There’s light at the end of the tunnel. That’s the news flash. By now you probably know that the City has published the Tentative Assessment Roll for fiscal 2011 which raises the property tax valuation for lots of buildings. But even (or maybe especially) the way this sui generis system works, what goes up must come down.  Here’s what I mean.

 Right about now, you’re probably asking: how can my assessed property value be going up when my apartment has gone down in value 20%? It’s a good question.  I’d be asking it myself – except I already have.

 I know it’s counterintuitive, but here’s what you have to understand.  The value of your co-op or condo has nothing to do with how much you pay in real estate tax. The price of your two bedroom could go up, down, or sideways. I’m sure it matters to you, but not to the tax man. You have to throw logic out the window to figure out the system.

According to the FY11 Assessment Roll, overall assessed values for co-ops and condos throughout the City increased about 5%. If you dig deeper, you’ll see the numbers are all over the lot (which, of course. is why there are averages). My building’s assessed value went down — by quite a lot. (Hallelujah!)

 Anyway that’s only the beginning of the story because the tax you pay isn’t even based on the assessed values that have just rolled off the presses for FY11, but on what’s called a transitional value, that takes into account values over the past five years.

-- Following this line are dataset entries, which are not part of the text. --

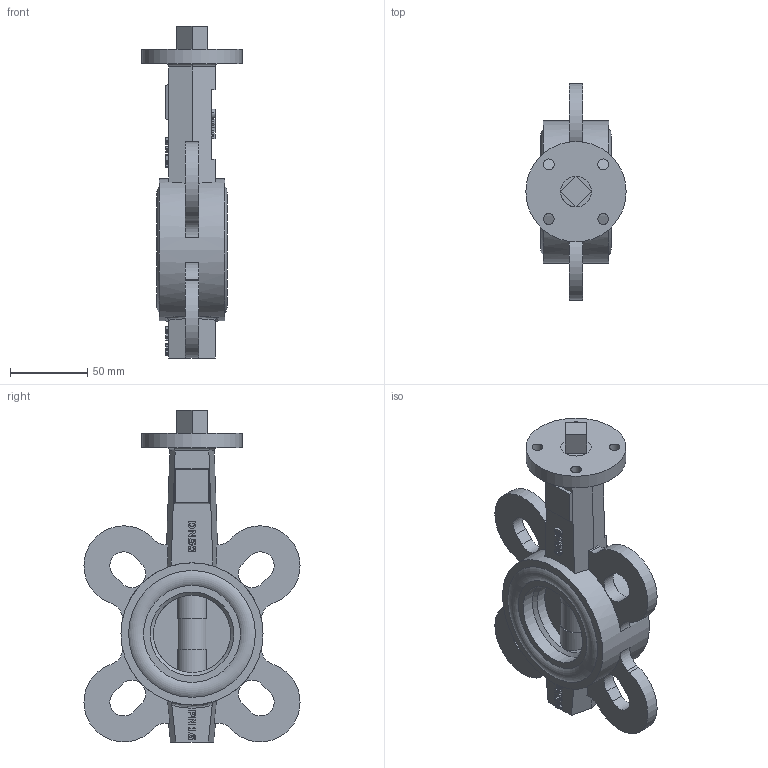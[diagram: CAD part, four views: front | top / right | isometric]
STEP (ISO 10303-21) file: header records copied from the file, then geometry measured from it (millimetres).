
FILE_DESCRIPTION(('STEP AP242'), '1');
FILE_NAME('Ïîâîðîòíûé çàòâîð ïîä ýëåêòðîïðèâîä', '', ('UNSPECIFIED'), ('UNSPECIFIED'), 'C3D Converter', 'C3D Toolkit', '');
FILE_SCHEMA(('AP242_MANAGED_MODEL_BASED_3D_ENGINEERING_MIM_LF { 1 0 10303 442 1 1 4 }'));
Length unit declared in the file: millimetre
Products named in the file (6): П
Assembly tree (6 placements, depth 2):
  (unnamed)
    (unnamed)
    П  x2
    (unnamed)
    (unnamed)
    (unnamed)
Bounding box: 65 x 140 x 215 mm (x, y, z)
Volume: 388254.5 mm3; surface area: 124538.6 mm2
Topology: 6 solids, 6 shells, 407 faces, 1086 edges, 714 vertices
Faces by surface type: plane 195, extrusion 135, cylinder 65, bspline 4, torus 4, cone 4
Full cylindrical faces by diameter (mm): 5.721 x1, 7 x4, 14 x6, 19.799 x5, 20.235 x4, 50 x1, 54.26 x2, 62.78 x2, 65 x1, 72.42 x4, 82.06 x4, 92 x1
Entity records: 16974 total; most frequent: CARTESIAN_POINT 5329, ORIENTED_EDGE 2072, DIRECTION 1540, EDGE_CURVE 1036, VERTEX_POINT 709, VECTOR 700, LINE 565, EDGE_LOOP 499

But I digress.  The reason your real estate tax value can go up, even as the price of your apartment is going down, is that assessed values are based on RENTS. In theory, co-ops and condos are valued as if they were rental properties by determining their rental income and then projecting a rate of return.  That’s ridiculous, you’re probably saying, but in this market rents have gone down so my building’s assessment still should have gone down along with them.

Would that it were so simple, only it’s not.  Yes, market-rate rents have gone down, but stabilized rents have gone UP (they always do).  So, in theory, if you live in an established building with no remaining stabilized tenants, only market-rate rents are relevant and logically the assessed value would go down.  And if you live in a more recently converted building, the higher the number of stabilized tenants the greater the impact their rent hikes would have on the assessed value.

Still with me? – cause it gets more complicated.  The rental data used by the City Fathers to calculate property values for FY11 is from calendar 2008 – before the real brunt of the crash was felt, which could help explain why assessed values went up even in established co-ops and condos that are 100% owner occupied, where only declining market rate rents should be relevant.

But that’s not the end of the illogic. Not only is the data used potentially stale, but it is different for each building.  Rather than use a broad-based sample that is city or even borough-wide, the powers that be pluck a few supposed comparables from an unknown universe for each building.

The result is a hodgepodge that makes it impossible to predict property assessments with any certainty, which wreaks havoc in building boardrooms at budget time, and gives owners agita.

That is the long answer to the short question why your assessed property value went up even though the price of your apartment went down.

But as you’ve probably figured out, there’s a lag time built into the system because property values for FY2011 are based on calendar 2008 rents. This means, all things being equal, that assessed values should start coming down as post-crash rental data finds its way into the City’s computers. I know it’s too early to break out the champagne, but relief may be on the not-too-distant way.